Information:
===

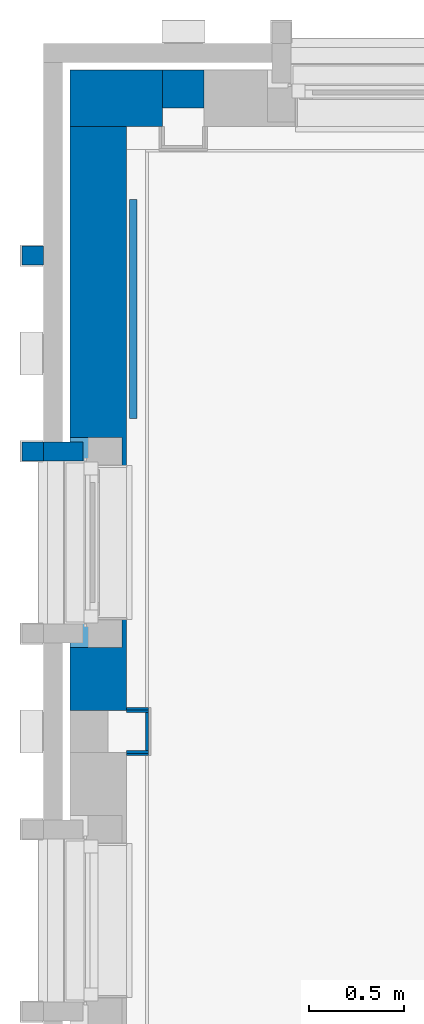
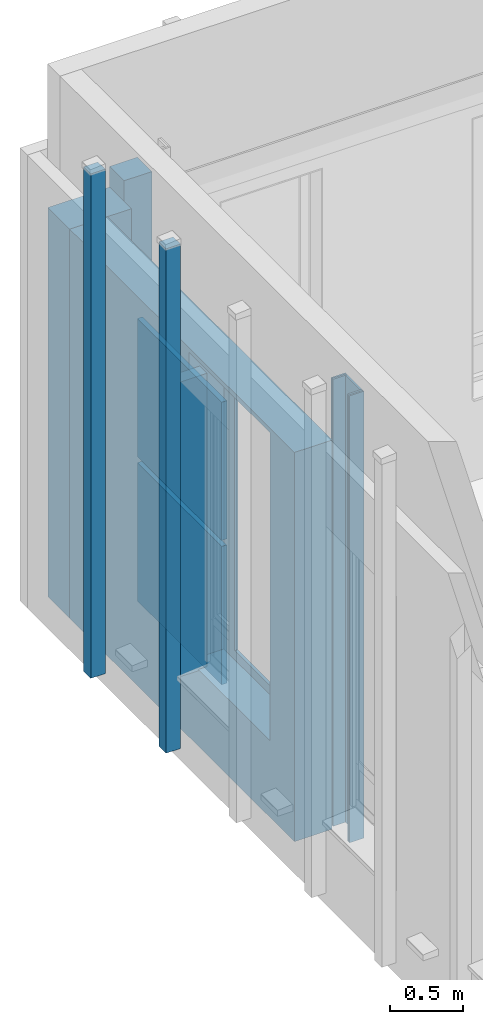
# One storey, part 55 of 118: 13 walls, 11 openings.
"""IFC2X3 building model written with IfcOpenShell, lengths in millimetres."""

import ifcopenshell
import ifcopenshell.guid

model = None  # the IFC model being written
_history = None  # IfcOwnerHistory: only IFC2X3 demands one
_inside = {}  # id of a spatial element -> (the spatial element, [elements in it])
_under = {}  # id of a project, library or spatial element -> (it, [spatial elements below it])
_declared = {}  # id of a project -> (the project, [libraries it declares])
_typed = {}  # id of a type object -> (the type object, [elements of that type])
_made_of = {}  # id of a material, layer set ... -> (it, [elements and type objects made of it])


def new_model(schema):
    """Start an empty IFC model of exactly this schema.

    Asked for "IFC4X3", IfcOpenShell would pick the latest addendum, in which some entities
    have other attributes; the version numbers below select the first issue.
    IFC2X3 requires an IfcOwnerHistory on every rooted entity: one is made here for all.
    """
    global model, _history
    if schema == "IFC4X3":
        model = ifcopenshell.file(schema_version=(4, 3, 0, 0))
    else:
        model = ifcopenshell.file(schema=schema)
    _inside.clear()
    _under.clear()
    _declared.clear()
    _typed.clear()
    _made_of.clear()
    _history = None
    if model.schema == "IFC2X3":
        org = make("IfcOrganization", Name="unknown")
        user = make(
            "IfcPersonAndOrganization",
            ThePerson=make("IfcPerson", FamilyName="unknown"),
            TheOrganization=org,
        )
        app = make(
            "IfcApplication",
            ApplicationDeveloper=org,
            Version="unknown",
            ApplicationFullName="unknown",
            ApplicationIdentifier="unknown",
        )
        _history = make(
            "IfcOwnerHistory",
            OwningUser=user,
            OwningApplication=app,
            ChangeAction="ADDED",
            CreationDate=0,
        )
    return model


def make(cls, **values):
    """One entity of the class cls with the attributes given. An attribute that is None is left unset."""
    return model.create_entity(
        cls, **{name: value for name, value in values.items() if value is not None}
    )


def entity(cls, *values):
    """Any entity or typed value of the class cls, its attributes in the order of the schema. None: left unset."""
    e = model.create_entity(cls)
    for i, value in enumerate(values):
        if value is not None:
            e[i] = value
    return e


def rooted(cls, **values):
    """An entity with a GlobalId (a new one), such as an element, a storey or a relation."""
    return make(cls, GlobalId=ifcopenshell.guid.new(), OwnerHistory=_history, **values)


def si_unit(unit_type, name, prefix=None):
    """IfcSIUnit, for example si_unit("LENGTHUNIT", "METRE", prefix="MILLI")."""
    return make("IfcSIUnit", UnitType=unit_type, Prefix=prefix, Name=name)


def converted_unit(unit_type, name, factor, base, dimensions=None, offset=None):
    """IfcConversionBasedUnit, such as the inch: factor (a typed value) times the base unit."""
    return make(
        "IfcConversionBasedUnit"
        if offset is None
        else "IfcConversionBasedUnitWithOffset",
        ConversionOffset=offset,
        Dimensions=None
        if dimensions is None
        else entity("IfcDimensionalExponents", *dimensions),
        UnitType=unit_type,
        Name=name,
        ConversionFactor=make(
            "IfcMeasureWithUnit", ValueComponent=factor, UnitComponent=base
        ),
    )


def derived_unit(unit_type, elements):
    """IfcDerivedUnit: a product of units, each with its exponent."""
    return make(
        "IfcDerivedUnit",
        Elements=[
            make("IfcDerivedUnitElement", Unit=unit, Exponent=power)
            for unit, power in elements
        ],
        UnitType=unit_type,
    )


def assignment(units):
    """IfcUnitAssignment: the units of a project."""
    return None if units is None else make("IfcUnitAssignment", Units=units)


def point(xyz):
    """IfcCartesianPoint."""
    return None if xyz is None else make("IfcCartesianPoint", Coordinates=xyz)


def direction(xyz):
    """IfcDirection."""
    return None if xyz is None else make("IfcDirection", DirectionRatios=xyz)


def frame(location, z_axis=None, x_axis=None):
    """IfcAxis2Placement3D, a coordinate frame: its origin and axes. An axis left out is left unset."""
    return make(
        "IfcAxis2Placement3D",
        Location=point(location),
        Axis=direction(z_axis),
        RefDirection=direction(x_axis),
    )


def frame_2d(location, x_axis=None):
    """IfcAxis2Placement2D, a coordinate frame in the plane: its origin and x axis."""
    return make(
        "IfcAxis2Placement2D", Location=point(location), RefDirection=direction(x_axis)
    )


def origin():
    """The frame at (0, 0, 0) with its axes left unset."""
    return frame((0.0, 0.0, 0.0))


def place(relative_to, where):
    """IfcLocalPlacement: puts the frame where relative to a parent placement (None: the world)."""
    return make(
        "IfcLocalPlacement", PlacementRelTo=relative_to, RelativePlacement=where
    )


def context(
    kind, dimensions, precision=None, world=None, true_north=None, identifier=None
):
    """IfcGeometricRepresentationContext, for example the 3D "Model" context."""
    return make(
        "IfcGeometricRepresentationContext",
        ContextIdentifier=identifier,
        ContextType=kind,
        CoordinateSpaceDimension=dimensions,
        Precision=precision,
        WorldCoordinateSystem=world,
        TrueNorth=true_north,
    )


def subcontext(parent, identifier, kind, view, scale=None):
    """IfcGeometricRepresentationSubContext, for example "Body" below "Model"."""
    return make(
        "IfcGeometricRepresentationSubContext",
        ContextIdentifier=identifier,
        ContextType=kind,
        ParentContext=parent,
        TargetScale=scale,
        TargetView=view,
    )


def project(units=None, contexts=None):
    """IfcProject with its units and contexts."""
    return rooted(
        "IfcProject",
        Name="project",
        RepresentationContexts=contexts,
        UnitsInContext=assignment(units),
    )


def spatial(cls, under=None, at=None, **own):
    """A site, building, storey or space (cls), placed at a placement, below another one or the project."""
    s = rooted(cls, ObjectPlacement=at, **own)
    if under is not None:
        _under.setdefault(under.id(), (under, []))[1].append(s)
    return s


def profile(cls, at=None, kind="AREA", **sizes):
    """A parametric profile (cls). Its sizes go by their IFC names, for example OverallWidth=200.0."""
    return make(cls, ProfileType=kind, Position=at, **sizes)


def rectangle(**sizes):
    """IfcRectangleProfileDef."""
    return profile("IfcRectangleProfileDef", **sizes)


def extrude(swept, where, along, depth):
    """IfcExtrudedAreaSolid: the profile swept, set in the frame where, extruded along a direction by depth."""
    return make(
        "IfcExtrudedAreaSolid",
        SweptArea=swept,
        Position=where,
        ExtrudedDirection=direction(along),
        Depth=depth,
    )


def faces_of(points, faces, orient=None, outer=None):
    """IfcFace entities. A face is a list of loops; a loop is a list of indices into points, from 0.

    orient and outer hold one flag for each loop. By default every Orientation is true, the
    first loop of a face is its IfcFaceOuterBound and the others are IfcFaceBound.
    """
    made = []
    for i, loops in enumerate(faces):
        bounds = []
        for j, loop in enumerate(loops):
            is_outer = j == 0 if outer is None else outer[i][j]
            bounds.append(
                make(
                    "IfcFaceOuterBound" if is_outer else "IfcFaceBound",
                    Bound=make("IfcPolyLoop", Polygon=[points[k] for k in loop]),
                    Orientation=True if orient is None else orient[i][j],
                )
            )
        made.append(make("IfcFace", Bounds=bounds))
    return made


def faceted_brep(points, faces, orient=None, outer=None, voids=None):
    """IfcFacetedBrep: a solid bounded by flat faces; with voids (closed shells), ...WithVoids."""
    shared = [point(p) for p in points]
    hull = make("IfcClosedShell", CfsFaces=faces_of(shared, faces, orient, outer))
    if voids is None:
        return make("IfcFacetedBrep", Outer=hull)
    return make(
        "IfcFacetedBrepWithVoids",
        Outer=hull,
        Voids=[
            make(cls, CfsFaces=faces_of(shared, fs, o, b)) for cls, fs, o, b in voids
        ],
    )


def shape(context_of_items, identifier, shape_type, items):
    """IfcShapeRepresentation: the items that make up one representation, for example the "Body"."""
    return make(
        "IfcShapeRepresentation",
        ContextOfItems=context_of_items,
        RepresentationIdentifier=identifier,
        RepresentationType=shape_type,
        Items=items,
    )


def material(Name=None, Category=None):
    """IfcMaterial."""
    return make("IfcMaterial", Name=Name, Category=Category)


def layer(
    of_material, thickness, ventilated=None, Name=None, Category=None, Priority=None
):
    """IfcMaterialLayer: one layer of a wall or slab, of a material (None: an air gap)."""
    return make(
        "IfcMaterialLayer",
        Material=of_material,
        LayerThickness=thickness,
        IsVentilated=ventilated,
        Name=Name,
        Category=Category,
        Priority=Priority,
    )


def layer_set(layers, Name=None):
    """IfcMaterialLayerSet."""
    return make("IfcMaterialLayerSet", MaterialLayers=layers, LayerSetName=Name)


def layer_usage(for_layer_set, set_direction, sense, offset, extent=None):
    """IfcMaterialLayerSetUsage: how a layer set lies in its element."""
    return make(
        "IfcMaterialLayerSetUsage",
        ForLayerSet=for_layer_set,
        LayerSetDirection=set_direction,
        DirectionSense=sense,
        OffsetFromReferenceLine=offset,
        ReferenceExtent=extent,
    )


def made_of(thing, what):
    """Note that an element or type object is made of a material, layer set ...; save() writes the relation."""
    if what is not None:
        _made_of.setdefault(what.id(), (what, []))[1].append(thing)
    return thing


def type_object(cls, material=None, **own):
    """A type object (cls), such as IfcWallType, which elements share."""
    return made_of(rooted(cls, **own), material)


def element(
    cls,
    number,
    at=None,
    inside=None,
    cuts=None,
    type_object=None,
    material=None,
    context=None,
    identifier="Body",
    shape_type=None,
    held_by="IfcProductDefinitionShape",
    body=None,
    shapes=None,
    **own,
):
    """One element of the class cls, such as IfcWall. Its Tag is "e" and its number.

===

Action item: Provide an exact copy of only the lines from the beginning of the entries through the line containing "IFC2X3 demands one", both ends included, with no pictures.

Task output:
# One storey, part 55 of 118: 13 walls, 11 openings.
"""IFC2X3 building model written with IfcOpenShell, lengths in millimetres."""

import ifcopenshell
import ifcopenshell.guid

model = None  # the IFC model being written
_history = None  # IfcOwnerHistory: only IFC2X3 demands one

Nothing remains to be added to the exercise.